That's true. Then I could get the 8700k for a little less, I guess. When are the releases due?


----------



## Bernard Duc (Sep 19, 2018)

Counterpointer said:


> That's true. Then I could get the 8700k for a little less, I guess. When are the releases due?


October is usually a good time to buy intel CPU. Ram and SSD fluctuate based in market. By the way for music there is no real use in having the the fastest SSD. The 860 evo should be more than enough.


----------



## puremusic (Sep 19, 2018)

The next generation might even be released on the 1st, hard to say though nothing official yet.


----------



## Counterpointer (Sep 19, 2018)

Bernard Duc said:


> October is usually a good time to buy intel CPU. Ram and SSD fluctuate based in market. By the way for music there is no real use in having the the fastest SSD. The 860 evo should be more than enough.



How is faster not necessarily better when working on heavy VST projects? Won't the load time be reduced with faster discs?


----------



## puremusic (Sep 19, 2018)

Looking at your build you made the right decision on the type of cooler in that it has screws instead of push pins. Plastic push pins are a pain. Installing the CPU cooler is the part of building a PC I like least.


----------



## Damarus (Sep 19, 2018)

Counterpointer said:


> How is faster not necessarily better when working on heavy VST projects? Won't the load time be reduced with faster discs?

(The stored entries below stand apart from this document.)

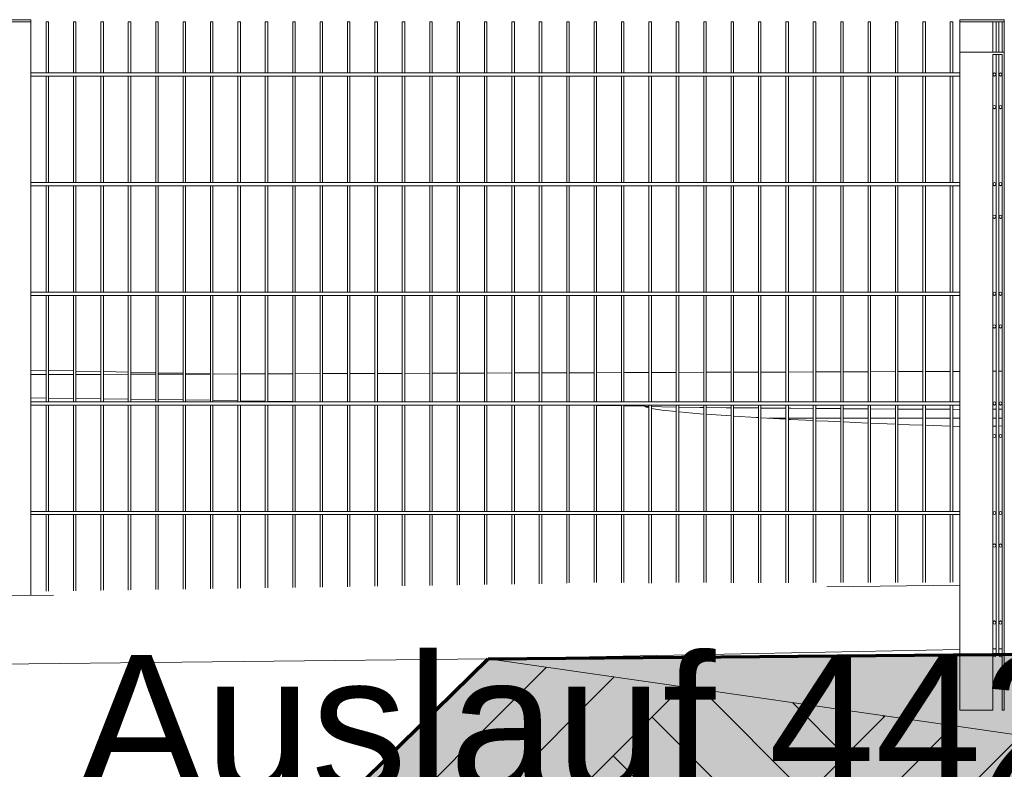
# Model space of a CAD drawing. Header units: metres. Extents: x -4 to 512, y -150 to 54.
# Tile 20 of 24: x 505.94 to 507.73, y -148.09 to -146.73. Entities that reach past the tile are written whole.
import ezdxf

# ---------------------------------------------------------------- set-up
doc = ezdxf.new("R2010")
doc.units = ezdxf.units.M
doc.header["$MEASUREMENT"] = 0
doc.linetypes.add('Strichpunktlinie', pattern=[0.006703, 0.003528, -0.001764, 0, -0.001411])
for name, color, linetype in [('Mulde_Schnitt M_2_40 Absturzsicherung', 7, 'Continuous'), ('Mulde_Schnitt M_2_60 Auffüllung', 7, 'Continuous'), ('Mulde_Schnitt M_2_60 Gelände 2D Übersicht', 7, 'Continuous'), ('Mulde_Schnitt M_2_70 Kanal', 7, 'Continuous'), ('Mulde_Schnitt M_2_94 Genehmigungsplanung Bemaßung', 7, 'Continuous')]:
    doc.layers.add(name, color=color, linetype=linetype)
doc.styles.add('ERSTELLTER_STIL_2', font='arial.ttf')
pattern_1 = [(45, (-35731.2147, -147.3626), (-0.2121320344, 0.2121320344), []), (45, (-35731.2854, -147.2919), (-0.424264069, 0.424264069), []), (45, (-35731.3561, -147.2212), (-0.424264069, 0.424264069), []), (135, (-35731.42684, -147.15048), (0.07071067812, 0.07071067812), [0.3, -0.3])]

msp = doc.modelspace()

# ---------------------------------------------------------------- hatches: boundary and pattern name
at = {"layer": 'Mulde_Schnitt M_2_60 Auffüllung', "linetype": 'Continuous', "lineweight": 18, "true_color": 0xffa8a8}
h = msp.add_hatch(dxfattribs=at)
h.set_pattern_fill('Boden__gewachsen_0002', color=21, style=0, pattern_type=2)
h.set_pattern_definition(pattern_1)
h.paths.add_polyline_path([(506.0164, -148.6511), (505.8005, -148.8626), (505.8005, -149.6544), (506.7903, -149.6544), (506.7903, -147.8927)])
h = msp.add_hatch(dxfattribs=at)
h.set_pattern_fill('Boden__gewachsen_0002', color=21, style=0, pattern_type=2)
h.set_pattern_definition(pattern_1)
h.paths.add_polyline_path([(506.7903, -147.8927), (506.7903, -149.6544), (512.4457, -149.6544), (512.4457, -147.9406), (507.8478, -148.0447)])
at = {"layer": 'Mulde_Schnitt M_2_60 Gelände 2D Übersicht', "linetype": 'Continuous', "lineweight": 18}
h = msp.add_hatch(dxfattribs=at)
h.set_pattern_fill('gewachsener_Boden_SN1_0002', color=8, style=0, pattern_type=2)
h.set_pattern_definition([(45, (-35731.2147, -147.36261), (-0.1272792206, 0.1272792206), []), (45, (-35731.25713, -147.3202), (-0.2545584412, 0.2545584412), []), (45, (-35731.29956, -147.27776), (-0.2545584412, 0.2545584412), []), (135, (-35731.341983, -147.235333), (0.04242640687, 0.04242640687), [0.18, -0.18])])
h.paths.add_polyline_path([(490.1549, -148.3626), (484.4401, -148.4053), (484.4401, -149.6544), (512.4457, -149.6544), (512.4457, -147.8461), (506.7903, -147.8926), (505.8822, -148.7826), (490.6972, -148.7826)])

# ---------------------------------------------------------------- linework, layer by layer
at = {"layer": 'Mulde_Schnitt M_2_40 Absturzsicherung', "color": 7, "linetype": 'Continuous', "lineweight": 13, "ltscale": 1000}
for p, q in [((505.9155, -146.7267), (505.9555, -146.7267)), ((505.9155, -146.7307), (505.9555, -146.7307)), ((505.9555, -146.7307), (505.9555, -146.7267)), ((505.9555, -147.7762), (505.9555, -146.7307)), ((505.9836, -146.7307), (505.9853, -146.7307)), ((505.9836, -146.8237), (505.9836, -146.7307)), ((505.9853, -146.7307), (505.9881, -146.7307)), ((505.9881, -146.8237), (505.9881, -146.7307)), ((506.0336, -146.7307), (506.0353, -146.7307)), ((506.0336, -146.8237), (506.0336, -146.7307)), ((506.0353, -146.7307), (506.0381, -146.7307)), ((506.0381, -146.8237), (506.0381, -146.7307)), ((506.0836, -146.7307), (506.0853, -146.7307)), ((506.0836, -146.8237), (506.0836, -146.7307)), ((506.0853, -146.7307), (506.0881, -146.7307)), ((506.0881, -146.8237), (506.0881, -146.7307)), ((506.1336, -146.7307), (506.1353, -146.7307)), ((506.1336, -146.8237), (506.1336, -146.7307)), ((506.1353, -146.7307), (506.1381, -146.7307)), ((506.1381, -146.8237), (506.1381, -146.7307)), ((506.1836, -146.7307), (506.1853, -146.7307)), ((506.1836, -146.8237), (506.1836, -146.7307)), ((506.1853, -146.7307), (506.1881, -146.7307)), ((506.1881, -146.8237), (506.1881, -146.7307)), ((506.2336, -146.7307), (506.2353, -146.7307)), ((506.2336, -146.8237), (506.2336, -146.7307)), ((506.2353, -146.7307), (506.2381, -146.7307)), ((506.2381, -146.8237), (506.2381, -146.7307)), ((506.2836, -146.7307), (506.2853, -146.7307)), ((506.2836, -146.8237), (506.2836, -146.7307)), ((506.2853, -146.7307), (506.2881, -146.7307)), ((506.2881, -146.8237), (506.2881, -146.7307)), ((506.3336, -146.7307), (506.3353, -146.7307)), ((506.3336, -146.8237), (506.3336, -146.7307)), ((506.3353, -146.7307), (506.3381, -146.7307)), ((506.3381, -146.8237), (506.3381, -146.7307)), ((506.3836, -146.7307), (506.3853, -146.7307)), ((506.3836, -146.8237), (506.3836, -146.7307)), ((506.3853, -146.7307), (506.3881, -146.7307)), ((506.3881, -146.8237), (506.3881, -146.7307)), ((506.4336, -146.7307), (506.4353, -146.7307)), ((506.4336, -146.8237), (506.4336, -146.7307)), ((506.4353, -146.7307), (506.4381, -146.7307)), ((506.4381, -146.8237), (506.4381, -146.7307)), ((506.4836, -146.7307), (506.4853, -146.7307)), ((506.4836, -146.8237), (506.4836, -146.7307)), ((506.4853, -146.7307), (506.4881, -146.7307)), ((506.4881, -146.8237), (506.4881, -146.7307)), ((506.5336, -146.7307), (506.5353, -146.7307)), ((506.5336, -146.8237), (506.5336, -146.7307)), ((506.5353, -146.7307), (506.5381, -146.7307)), ((506.5381, -146.8237), (506.5381, -146.7307)), ((506.5836, -146.7307), (506.5853, -146.7307)), ((506.5836, -146.8237), (506.5836, -146.7307)), ((506.5853, -146.7307), (506.5881, -146.7307)), ((506.5881, -146.8237), (506.5881, -146.7307)), ((506.6336, -146.7307), (506.6353, -146.7307)), ((506.6336, -146.8237), (506.6336, -146.7307)), ((506.6353, -146.7307), (506.6381, -146.7307)), ((506.6381, -146.8237), (506.6381, -146.7307)), ((506.6836, -146.7307), (506.6853, -146.7307)), ((506.6836, -146.8237), (506.6836, -146.7307)), ((506.6853, -146.7307), (506.6881, -146.7307)), ((506.6881, -146.8237), (506.6881, -146.7307)), ((506.7336, -146.7307), (506.7353, -146.7307)), ((506.7336, -146.8237), (506.7336, -146.7307)), ((506.7353, -146.7307), (506.7381, -146.7307)), ((506.7381, -146.8237), (506.7381, -146.7307)), ((506.7836, -146.7307), (506.7853, -146.7307)), ((506.7836, -146.8237), (506.7836, -146.7307)), ((506.7853, -146.7307), (506.7881, -146.7307)), ((506.7881, -146.8237), (506.7881, -146.7307)), ((506.8336, -146.7307), (506.8353, -146.7307)), ((506.8336, -146.8237), (506.8336, -146.7307)), ((506.8353, -146.7307), (506.8381, -146.7307)), ((506.8381, -146.8237), (506.8381, -146.7307)), ((506.8836, -146.7307), (506.8853, -146.7307)), ((506.8836, -146.8237), (506.8836, -146.7307)), ((506.8853, -146.7307), (506.8881, -146.7307)), ((506.8881, -146.8237), (506.8881, -146.7307)), ((506.9336, -146.7307), (506.9353, -146.7307)), ((506.9336, -146.8237), (506.9336, -146.7307)), ((506.9353, -146.7307), (506.9381, -146.7307)), ((506.9381, -146.8237), (506.9381, -146.7307)), ((506.9836, -146.7307), (506.9853, -146.7307)), ((506.9836, -146.8237), (506.9836, -146.7307)), ((506.9853, -146.7307), (506.9881, -146.7307)), ((506.9881, -146.8237), (506.9881, -146.7307)), ((507.0336, -146.7307), (507.0353, -146.7307)), ((507.0336, -146.8237), (507.0336, -146.7307)), ((507.0353, -146.7307), (507.0381, -146.7307)), ((507.0381, -146.8237), (507.0381, -146.7307)), ((507.0836, -146.7307), (507.0853, -146.7307)), ((507.0836, -146.8237), (507.0836, -146.7307)), ((507.0853, -146.7307), (507.0881, -146.7307)), ((507.0881, -146.8237), (507.0881, -146.7307)), ((507.1336, -146.7307), (507.1353, -146.7307)), ((507.1336, -146.8237), (507.1336, -146.7307)), ((507.1353, -146.7307), (507.1381, -146.7307)), ((507.1381, -146.8237), (507.1381, -146.7307)), ((507.1836, -146.7307), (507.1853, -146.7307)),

Yes. But I think the difference he was referencing is the price/performance. 860 Evo vs 970 PRO may not give you a huge performance jump for the price. When choosing an SSD these days, storage is the priority, then max speed. Unless you're not concerned about cost, then you can have both


----------



## Counterpointer (Sep 19, 2018)

Damarus said:


> Yes. But I think the difference he was referencing is the price/performance. 860 Evo vs 970 PRO may not give you a huge performance jump for the price. When choosing an SSD these days, storage is the priority, then max speed. Unless you're not concerned about cost, then you can have both



Ah, I see. Well, then I have to rethink the storage needs =)


----------



## Pictus (Sep 23, 2018)

The life expectancy for the Samsung PRO is at least 2 times of the EVO in the same series line like PRO 970 to EVO 970, but the *EVOs are good enough* see https://3dnews.ru/938764/page-3.html





The PRO is a better choice if plan to deal with BIG files like when editing video because there will be no cache(SLC NAND) starvation.
From https://www.extremetech.com/computing/268254-samsung-launches-new-970-evo-and-970-pro-ssds "(...)the 970 Pro doesn’t use an SLC NAND cache the way the 970 EVO does means that it retains its maximum write performance over a much longer time frame.(...)"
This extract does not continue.